Thresholding is a widely-used image segmentation process. This method is often used to segment an image into a foreground and an object. To do this, a threshold value is computed above or below the pixels of the object. The threshold value is usually fixed, but in many cases, it can be best computed from the image statistics and neighbourhood operations. Thresholding produces a binary image that represents black and white only, with no shades of Gray in between.
Digital image processing involves different methods, which are as follows:
Image Editing: It means changing/altering digital images using graphic software tools.
Image Restoration: It means processing a corrupt image and taking out a clean original image to regain the lost information.
Independent Component Analysis: It separates various signals computationally into additive subcomponents.
Anisotropic Diffusion: This method reduces image noise without having to remove essential portions of the image.
Linear Filtering: Another digital image processing method is about processing time-varying input signals and generating output signals.
Neural Networks: Neural networks are the computational models used in machine learning for solving various tasks.

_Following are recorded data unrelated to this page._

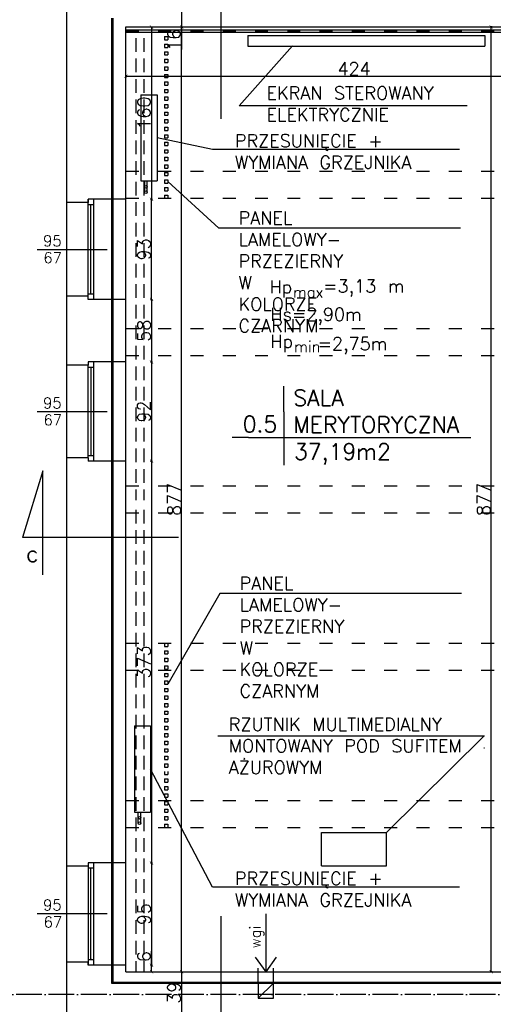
# Model space of a CAD drawing. Header units: millimetres. Extents: x -155361 to 49141, y -33787 to 6941.
# Tile 20 of 44: x -27493 to -27053, y 5267 to 6181. Entities that reach past the tile are written whole.
import ezdxf

# ---------------------------------------------------------------- set-up
doc = ezdxf.new("R2010")
doc.units = ezdxf.units.MM
for name, pattern in [('ACAD_ISO03W100', [30, 12, -18]), ('ACAD_ISO04W100', [30, 24, -3, 0, -3]), ('DASHED', [19.05, 12.7, -6.35])]:
    doc.linetypes.add(name, pattern=pattern)
doc.styles.add('Opisowy', font='txt.shx')
doc.styles.get("Standard").update_dxf_attribs({"font": 'txt.shx'})
doc.dimstyles.new('ISO-25', dxfattribs={"dimtxt": 12, "dimasz": 3, "dimexe": 1, "dimexo": 1, "dimgap": 1, "dimtad": 1, "dimdec": 0, "dimtxsty": 'Opisowy', "dimblk": 'ARCHTICK', "dimcen": 2.5, "dimadec": 0, "dimazin": 0, "dimtfac": 1, "dimtdec": 0, "dimtmove": 0, "dimatfit": 3, "dimldrblk": 'ARCHTICK', "dimfxl": 1, "dimfxlon": 1, "dimarcsym": 0})

# ---------------------------------------------------------------- blocks, each defined once
blk = doc.blocks.new('_ArchTick')
at = {"color": 0, "linetype": 'ByBlock', "const_width": 0.15}
blk.add_lwpolyline([(-0.5, -0.5), (0.5, 0.5)], dxfattribs=at)
blk = doc.blocks.new('*D11530')
at = {"color": 0, "lineweight": -2}
for p, q in [((-27343.13, 6190.41), (-27341.13, 6190.41)), ((-27342.13, 6190.41), (-27342.13, 6174.41)), ((-27343.13, 6174.41), (-27341.13, 6174.41)), ((-27342.13, 6174.41), (-27342.13, 6153.41))]:
    blk.add_line(p, q, dxfattribs=at)
at = {"layer": 'Defpoints', "color": 0}
for p in [(-27392.5, 6190.41), (-27392.5, 6174.41), (-27342.13, 6174.41)]:
    blk.add_point(p, dxfattribs=at)
at = {"color": 0, "lineweight": -2, "xscale": 3, "yscale": 3, "zscale": 3}
for p, rotation in [((-27342.13, 6190.41), 90), ((-27342.13, 6174.41), -90.00000000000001)]:
    blk.add_blockref('_ArchTick', p, dxfattribs=dict(at, rotation=rotation))
at = {"color": 0, "insert": (-27349.13, 6162.41), "char_height": 12, "attachment_point": 5, "rotation": 90, "style": 'Opisowy'}
blk.add_mtext('16', dxfattribs=at)
blk = doc.blocks.new('*D11531')
at = {"color": 0, "lineweight": -2}
for p, q in [((-27371.09, 6174.41), (-27369.09, 6174.41)), ((-27370.09, 6174.41), (-27370.09, 6014.41)), ((-27371.09, 6014.41), (-27369.09, 6014.41))]:
    blk.add_line(p, q, dxfattribs=at)
at = {"layer": 'Defpoints', "color": 0}
for p in [(-27393.93, 6174.41), (-27393.93, 6014.41), (-27370.09, 6014.41)]:
    blk.add_point(p, dxfattribs=at)
at = {"color": 0, "lineweight": -2, "xscale": 3, "yscale": 3, "zscale": 3}
for p, rotation in [((-27370.09, 6174.41), 90), ((-27370.09, 6014.41), -90.00000000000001)]:
    blk.add_blockref('_ArchTick', p, dxfattribs=dict(at, rotation=rotation))
at = {"color": 0, "insert": (-27377.09, 6094.41), "char_height": 12, "attachment_point": 5, "rotation": 90, "style": 'Opisowy'}
blk.add_mtext('160', dxfattribs=at)
blk = doc.blocks.new('*D11533')
at = {"color": 0, "lineweight": -2}
for p, q in [((-27371.09, 5921.41), (-27369.09, 5921.41)), ((-27370.09, 5921.41), (-27370.09, 5863.41)), ((-27371.09, 5863.41), (-27369.09, 5863.41))]:
    blk.add_line(p, q, dxfattribs=at)
at = {"layer": 'Defpoints', "color": 0}
for p in [(-27393.93, 5921.41), (-27393.93, 5863.41), (-27370.09, 5863.41)]:
    blk.add_point(p, dxfattribs=at)
at = {"color": 0, "lineweight": -2, "xscale": 3, "yscale": 3, "zscale": 3}
for p, rotation in [((-27370.09, 5921.41), 90), ((-27370.09, 5863.41), -90.00000000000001)]:
    blk.add_blockref('_ArchTick', p, dxfattribs=dict(at, rotation=rotation))
at = {"color": 0, "insert": (-27377.09, 5892.41), "char_height": 12, "attachment_point": 5, "rotation": 90, "style": 'Opisowy'}
blk.add_mtext('58', dxfattribs=at)
blk = doc.blocks.new('*D11534')
at = {"color": 0, "lineweight": -2}
for p, q in [((-27371.09, 5863.41), (-27369.09, 5863.41)), ((-27370.09, 5863.41), (-27370.09, 5771.41)), ((-27371.09, 5771.41), (-27369.09, 5771.41))]:
    blk.add_line(p, q, dxfattribs=at)
at = {"layer": 'Defpoints', "color": 0}
for p in [(-27393.93, 5863.41), (-27393.93, 5771.41), (-27370.09, 5771.41)]:
    blk.add_point(p, dxfattribs=at)
at = {"color": 0, "lineweight": -2, "xscale": 3, "yscale": 3, "zscale": 3}
for p, rotation in [((-27370.09, 5863.41), 90), ((-27370.09, 5771.41), -90.00000000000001)]:
    blk.add_blockref('_ArchTick', p, dxfattribs=dict(at, rotation=rotation))
at = {"color": 0, "insert": (-27377.09, 5817.41), "char_height": 12, "attachment_point": 5, "rotation": 90, "style": 'Opisowy'}
blk.add_mtext('92', dxfattribs=at)
blk = doc.blocks.new('*D11535')
at = {"color": 0, "lineweight": -2}
for p, q in [((-27371.09, 5771.41), (-27369.09, 5771.41)), ((-27370.09, 5771.41), (-27370.09, 5398.41)), ((-27371.09, 5398.41), (-27369.09, 5398.41))]:
    blk.add_line(p, q, dxfattribs=at)
at = {"layer": 'Defpoints', "color": 0}
for p in [(-27393.93, 5771.41), (-27393.93, 5398.41), (-27370.09, 5398.41)]:
    blk.add_point(p, dxfattribs=at)
at = {"color": 0, "lineweight": -2, "xscale": 3, "yscale": 3, "zscale": 3}
for p, rotation in [((-27370.09, 5771.41), 90), ((-27370.09, 5398.41), -90.00000000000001)]:
    blk.add_blockref('_ArchTick', p, dxfattribs=dict(at, rotation=rotation))
at = {"color": 0, "insert": (-27377.09, 5584.91), "char_height": 12, "attachment_point": 5, "rotation": 90, "style": 'Opisowy'}
blk.add_mtext('373', dxfattribs=at)
blk = doc.blocks.new('*D11536')
at = {"color": 0, "lineweight": -2}
for p, q in [((-27371.09, 5398.41), (-27369.09, 5398.41)), ((-27370.09, 5398.41), (-27370.09, 5303.41)), ((-27371.09, 5303.41), (-27369.09, 5303.41))]:
    blk.add_line(p, q, dxfattribs=at)
at = {"layer": 'Defpoints', "color": 0}
for p in [(-27393.93, 5398.41), (-27393.93, 5303.41), (-27370.09, 5303.41)]:
    blk.add_point(p, dxfattribs=at)
at = {"color": 0, "lineweight": -2, "xscale": 3, "yscale": 3, "zscale": 3}
for p, rotation in [((-27370.09, 5398.41), 90), ((-27370.09, 5303.41), -90.00000000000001)]:
    blk.add_blockref('_ArchTick', p, dxfattribs=dict(at, rotation=rotation))
at = {"color": 0, "insert": (-27377.09, 5350.91), "char_height": 12, "attachment_point": 5, "rotation": 90, "style": 'Opisowy'}
blk.add_mtext('95', dxfattribs=at)
blk = doc.blocks.new('*D11537')
at = {"color": 0, "lineweight": -2}
for p, q in [((-27370.09, 5303.41), (-27370.09, 5316.41)), ((-27371.09, 5303.41), (-27369.09, 5303.41)), ((-27370.09, 5297.41), (-27370.09, 5303.41)), ((-27371.09, 5297.41), (-27369.09, 5297.41))]:
    blk.add_line(p, q, dxfattribs=at)
at = {"layer": 'Defpoints', "color": 0}
for p in [(-27393.93, 5303.41), (-27370.09, 5303.41), (-27393.93, 5297.41)]:
    blk.add_point(p, dxfattribs=at)
at = {"color": 0, "lineweight": -2, "xscale": 3, "yscale": 3, "zscale": 3}
for p, rotation in [((-27370.09, 5303.41), 90), ((-27370.09, 5297.41), -90.00000000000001)]:
    blk.add_blockref('_ArchTick', p, dxfattribs=dict(at, rotation=rotation))
at = {"color": 0, "insert": (-27377.09, 5311.41), "char_height": 12, "attachment_point": 5, "rotation": 90, "style": 'Opisowy'}
blk.add_mtext('6', dxfattribs=at)
blk = doc.blocks.new('*D11538')
at = {"color": 0, "lineweight": -2}
for p, q in [((-27343.13, 5297.41), (-27341.13, 5297.41)), ((-27342.13, 5297.41), (-27342.13, 5258.41)), ((-27343.13, 5258.41), (-27341.13, 5258.41))]:
    blk.add_line(p, q, dxfattribs=at)
at = {"layer": 'Defpoints', "color": 0}
for p in [(-27396.13, 5297.41), (-27396.13, 5258.41), (-27342.13, 5258.41)]:
    blk.add_point(p, dxfattribs=at)
at = {"color": 0, "lineweight": -2, "xscale": 3, "yscale": 3, "zscale": 3}
for p, rotation in [((-27342.13, 5297.41), 90), ((-27342.13, 5258.41), -90.00000000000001)]:
    blk.add_blockref('_ArchTick', p, dxfattribs=dict(at, rotation=rotation))
at = {"color": 0, "insert": (-27349.13, 5277.91), "char_height": 12, "attachment_point": 5, "rotation": 90, "style": 'Opisowy'}
blk.add_mtext('39', dxfattribs=at)
blk = doc.blocks.new('*D11551')
at = {"color": 0, "lineweight": -2}
for p, q in [((-27343.13, 6174.41), (-27341.13, 6174.41)), ((-27342.13, 5297.41), (-27342.13, 6174.41)), ((-27343.13, 5297.41), (-27341.13, 5297.41))]:
    blk.add_line(p, q, dxfattribs=at)
at = {"layer": 'Defpoints', "color": 0}
for p in [(-27393.93, 6174.41), (-27342.13, 6174.41), (-27393.93, 5297.41)]:
    blk.add_point(p, dxfattribs=at)
at = {"color": 0, "lineweight": -2, "xscale": 3, "yscale": 3, "zscale": 3}
for p, rotation in [((-27342.13, 6174.41), 90), ((-27342.13, 5297.41), -90.00000000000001)]:
    blk.add_blockref('_ArchTick', p, dxfattribs=dict(at, rotation=rotation))
at = {"color": 0, "insert": (-27349.13, 5735.91), "char_height": 12, "attachment_point": 5, "rotation": 90, "style": 'Opisowy'}
blk.add_mtext('877', dxfattribs=at)
blk = doc.blocks.new('*D11590')
at = {"color": 0, "lineweight": -2}
for p, q in [((-27053.62, 6174.41), (-27055.62, 6174.41)), ((-27054.62, 5297.41), (-27054.62, 6174.41)), ((-27053.62, 5297.41), (-27055.62, 5297.41))]:
    blk.add_line(p, q, dxfattribs=at)
at = {"layer": 'Defpoints', "color": 0}
for p in [(-27054.62, 6174.41), (-26969.93, 6174.41), (-26969.93, 5297.41)]:
    blk.add_point(p, dxfattribs=at)
at = {"color": 0, "lineweight": -2, "xscale": 3, "yscale": 3, "zscale": 3}
for p, rotation in [((-27054.62, 6174.41), 90), ((-27054.62, 5297.41), -90.00000000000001)]:
    blk.add_blockref('_ArchTick', p, dxfattribs=dict(at, rotation=rotation))
at = {"color": 0, "insert": (-27061.62, 5735.91), "char_height": 12, "attachment_point": 5, "rotation": 90, "style": 'Opisowy'}
blk.add_mtext('877', dxfattribs=at)
blk = doc.blocks.new('*D11630')
at = {"color": 0, "lineweight": -2}
for p, q in [((-27393.93, 6129.58), (-27393.93, 6127.58)), ((-27393.93, 6128.58), (-26969.93, 6128.58)), ((-26969.93, 6129.58), (-26969.93, 6127.58))]:
    blk.add_line(p, q, dxfattribs=at)
at = {"layer": 'Defpoints', "color": 0}
for p in [(-27393.93, 6174.41), (-26969.93, 6174.41), (-26969.93, 6128.58)]:
    blk.add_point(p, dxfattribs=at)
at = {"color": 0, "lineweight": -2, "xscale": 3, "yscale": 3, "zscale": 3, "rotation": 180}
blk.add_blockref('_ArchTick', (-27393.93, 6128.58), dxfattribs=at)
at = {"color": 0, "lineweight": -2, "xscale": 3, "yscale": 3, "zscale": 3}
blk.add_blockref('_ArchTick', (-26969.93, 6128.58), dxfattribs=at)
at = {"color": 0, "insert": (-27181.93, 6135.58), "char_height": 12, "attachment_point": 5, "style": 'Opisowy'}
blk.add_mtext('424', dxfattribs=at)
blk = doc.blocks.new('*D11661')
at = {"color": 0, "lineweight": -2}
for p, q in [((-27371.09, 6014.41), (-27371.09, 6014.41)), ((-27370.09, 5921.41), (-27370.09, 6014.41)), ((-27371.09, 5921.41), (-27371.09, 5921.41))]:
    blk.add_line(p, q, dxfattribs=at)
at = {"layer": 'Defpoints', "color": 0}
for p in [(-27370.09, 6014.41), (-27370.09, 6014.41), (-27370.09, 5921.41)]:
    blk.add_point(p, dxfattribs=at)
at = {"color": 0, "lineweight": -2, "xscale": 3, "yscale": 3, "zscale": 3}
for p, rotation in [((-27370.09, 6014.41), 90), ((-27370.09, 5921.41), -90.00000000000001)]:
    blk.add_blockref('_ArchTick', p, dxfattribs=dict(at, rotation=rotation))
at = {"color": 0, "insert": (-27377.09, 5967.91), "char_height": 12, "attachment_point": 5, "rotation": 90, "style": 'Opisowy'}
blk.add_mtext('93', dxfattribs=at)

msp = doc.modelspace()

# ---------------------------------------------------------------- hatches: boundary and pattern name
for points in [[(-27405.85, 6014.41), (-27405.85, 6181.66), (-27406.85, 6181.66), (-27406.85, 6014.41)], [(-27406.85, 5287.49), (-26960.65, 5287.49), (-26959.65, 5287.49), (-26959.65, 5286.49), (-26960.65, 5286.49), (-27406.85, 5286.49)]]:
    msp.add_hatch(color=1).paths.add_polyline_path(points)
h = msp.add_hatch(color=1)
h.paths.add_polyline_path([(-27406.85, 5921.41), (-27405.85, 5921.41), (-27405.85, 6014.41), (-27406.85, 6014.41)])
h.paths.add_polyline_path([(-27406.85, 5771.41), (-27405.85, 5771.41), (-27405.85, 5863.41), (-27406.85, 5863.41)])
h.paths.add_polyline_path([(-27406.85, 5863.41), (-27405.85, 5863.41), (-27405.85, 5921.41), (-27406.85, 5921.41)])
h = msp.add_hatch(color=1)
h.paths.add_polyline_path([(-27406.85, 5602.41), (-27405.85, 5602.41), (-27405.85, 5723.41), (-27406.85, 5723.41)])
h.paths.add_polyline_path([(-27406.85, 5456.41), (-27405.85, 5456.41), (-27405.85, 5577.41), (-27406.85, 5577.41)])
h.paths.add_polyline_path([(-27406.85, 5303.41), (-27405.85, 5303.41), (-27405.85, 5398.41), (-27406.85, 5398.41)])
h.paths.add_polyline_path([(-27405.85, 5398.41), (-27405.85, 5431.41), (-27406.85, 5431.41), (-27406.85, 5398.41)])
h.paths.add_polyline_path([(-27406.85, 5748.41), (-27405.85, 5748.41), (-27405.85, 5723.41), (-27406.85, 5723.41)])
h.paths.add_polyline_path([(-27406.85, 5577.41), (-27405.85, 5577.41), (-27405.85, 5602.41), (-27406.85, 5602.41)])
h.paths.add_polyline_path([(-27406.85, 5431.41), (-27405.85, 5431.41), (-27405.85, 5456.41), (-27406.85, 5456.41)])
h.paths.add_polyline_path([(-27406.85, 5748.41), (-27405.85, 5748.41), (-27405.85, 5771.41), (-27406.85, 5771.41)])
h.paths.add_polyline_path([(-27406.85, 5287.49), (-27405.85, 5287.49), (-27405.85, 5303.41), (-27406.85, 5303.41)])

# ---------------------------------------------------------------- linework, layer by layer
for p, q in [((-27448.93, 5323.28), (-27448.93, 6887.65)), ((-27305.61, 6234), (-27305.61, 6089)), ((-27393.93, 6014.41), (-27393.93, 6174.41)), ((-27393.93, 6174.41), (-26969.93, 6174.41)), ((-26973.53, 6171.41), (-27393.93, 6171.41)), ((-27393.93, 6169.41), (-26975.53, 6169.41)), ((-27358.03, 6169.41), (-27355.03, 6169.41)), ((-27393.93, 6040.41), (-27393.93, 6161.41)), ((-27358.03, 6165.41), (-27355.03, 6165.41)), ((-27358.03, 6165.41), (-27358.03, 6162.41)), ((-27358.03, 6162.41), (-27355.03, 6162.41)), ((-27358.03, 6162.41), (-27355.03, 6162.41)), ((-27355.03, 6165.41), (-27355.03, 6162.41)), ((-27280.54, 6166.44), (-27280.54, 6156.44)), ((-27280.54, 6166.44), (-27060.43, 6166.44)), ((-27060.43, 6166.44), (-27060.43, 6156.44)), ((-27358.03, 6158.41), (-27355.03, 6158.41)), ((-27358.03, 6158.41), (-27358.03, 6155.41)), ((-27358.03, 6155.41), (-27355.03, 6155.41)), ((-27358.03, 6155.41), (-27355.03, 6155.41)), ((-27358.03, 6151.41), (-27355.03, 6151.41)), ((-27358.03, 6151.41), (-27358.03, 6148.41)), ((-27355.03, 6158.41), (-27355.03, 6155.41)), ((-27355.03, 6151.41), (-27355.03, 6148.41)), ((-27288.56, 6101.07), (-27239.05, 6156.9)), ((-27280.54, 6156.44), (-27060.43, 6156.44)), ((-27358.03, 6148.41), (-27355.03, 6148.41)), ((-27358.03, 6148.41), (-27355.03, 6148.41)), ((-27358.03, 6144.41), (-27355.03, 6144.41)), ((-27358.03, 6144.41), (-27358.03, 6141.41)), ((-27355.03, 6144.41), (-27355.03, 6141.41)), ((-27358.03, 6141.41), (-27355.03, 6141.41)), ((-27358.03, 6141.41), (-27355.03, 6141.41)), ((-27358.03, 6137.41), (-27355.03, 6137.41)), ((-27358.03, 6137.41), (-27358.03, 6134.41)), ((-27358.03, 6134.41), (-27355.03, 6134.41)), ((-27358.03, 6134.41), (-27355.03, 6134.41)), ((-27355.03, 6137.41), (-27355.03, 6134.41)), ((-27358.03, 6130.41), (-27355.03, 6130.41)), ((-27358.03, 6130.41), (-27358.03, 6127.41)), ((-27358.03, 6127.41), (-27355.03, 6127.41)), ((-27358.03, 6127.41), (-27355.03, 6127.41)), ((-27355.03, 6130.41), (-27355.03, 6127.41)), ((-27358.03, 6123.41), (-27355.03, 6123.41)), ((-27358.03, 6123.41), (-27358.03, 6120.41)), ((-27358.03, 6120.41), (-27355.03, 6120.41)), ((-27358.03, 6120.41), (-27355.03, 6120.41)), ((-27358.03, 6116.41), (-27355.03, 6116.41)), ((-27358.03, 6116.41), (-27358.03, 6113.41)), ((-27355.03, 6123.41), (-27355.03, 6120.41)), ((-27355.03, 6116.41), (-27355.03, 6113.41)), ((-27380.03, 6111.48), (-27365.03, 6111.48)), ((-27380.03, 6111.48), (-27379.97, 6031.48)), ((-27365.03, 6111.48), (-27364.97, 6031.48)), ((-27358.03, 6113.41), (-27355.03, 6113.41)), ((-27358.03, 6113.41), (-27355.03, 6113.41)), ((-27358.03, 6109.41), (-27355.03, 6109.41)), ((-27358.03, 6109.41), (-27358.03, 6106.41)), ((-27358.03, 6106.41), (-27355.03, 6106.41)), ((-27358.03, 6106.41), (-27355.03, 6106.41)), ((-27355.03, 6109.41), (-27355.03, 6106.41)), ((-27358.03, 6102.41), (-27355.03, 6102.41)), ((-27358.03, 6102.41), (-27358.03, 6099.41)), ((-27358.03, 6099.41), (-27355.03, 6099.41)), ((-27358.03, 6099.41), (-27355.03, 6099.41)), ((-27355.03, 6102.41), (-27355.03, 6099.41)), ((-27076.84, 6101.07), (-27288.56, 6101.07)), ((-27358.03, 6095.41), (-27355.03, 6095.41)), ((-27358.03, 6095.41), (-27358.03, 6092.41)), ((-27358.03, 6092.41), (-27355.03, 6092.41)), ((-27358.03, 6092.41), (-27355.03, 6092.41)), ((-27358.03, 6088.41), (-27355.03, 6088.41)), ((-27358.03, 6088.41), (-27358.03, 6085.41)), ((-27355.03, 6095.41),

Pixelation: It is a method for turning printed images into digitized ones. Principal Components.
Analysis: It is a digital image processing technique used for feature extraction.
Partial Differential Equations: This method refers to dealing with de-noising.
Hidden Markov Models: This technique is used for image analysis in 2D (two-dimensional).
Wavelets: Wavelets are the mathematical functions used in image compression.
Self-organizing Maps: a digital image processing technique classifies images into several classes.
Uses of Digital Image Processing
Digital image processing is commonly used in advertising, marketing, design, photography, and other industries. There are many common applications of digital image processing in the medical field, including X-Ray imaging, PET scans, and UV imaging. In space, remote sensing involves scanning the earth with satellites and acknowledging all activities in space. Machine vision, or robot vision, uses software and is another application of digital image processing. The process of digital image processing is very time-consuming but can result in a higher quality of life for humans.
One of the most common applications of image processing is identifying diseased plants. Traditionally, this task would involve consulting an expert. Luckily, image processing technology can save the day in this situation. The process begins with the preprocessing of digital media, which improves resolution, noise, and color. Once the image is enhanced, it will be segmented and referred to related images in a database. The processor then compares the segmented image with a reference image to determine if it contains defects.
Image recognition technology has grown to be of great potential for wide adoption in various industries. This technology has seen significant usage with each passing year, as enterprises have become more time-efficient and productive due to better manufacturing, inspection, and quality assurance tools and processes. Big corporations and start-ups such as Tesla, Google, Uber, Adobe Systems, etc., heavily use image processing techniques in their day-to-day operations. With the advancements in AI (Artificial Intelligence), this technology will see significant upgrades in the coming years.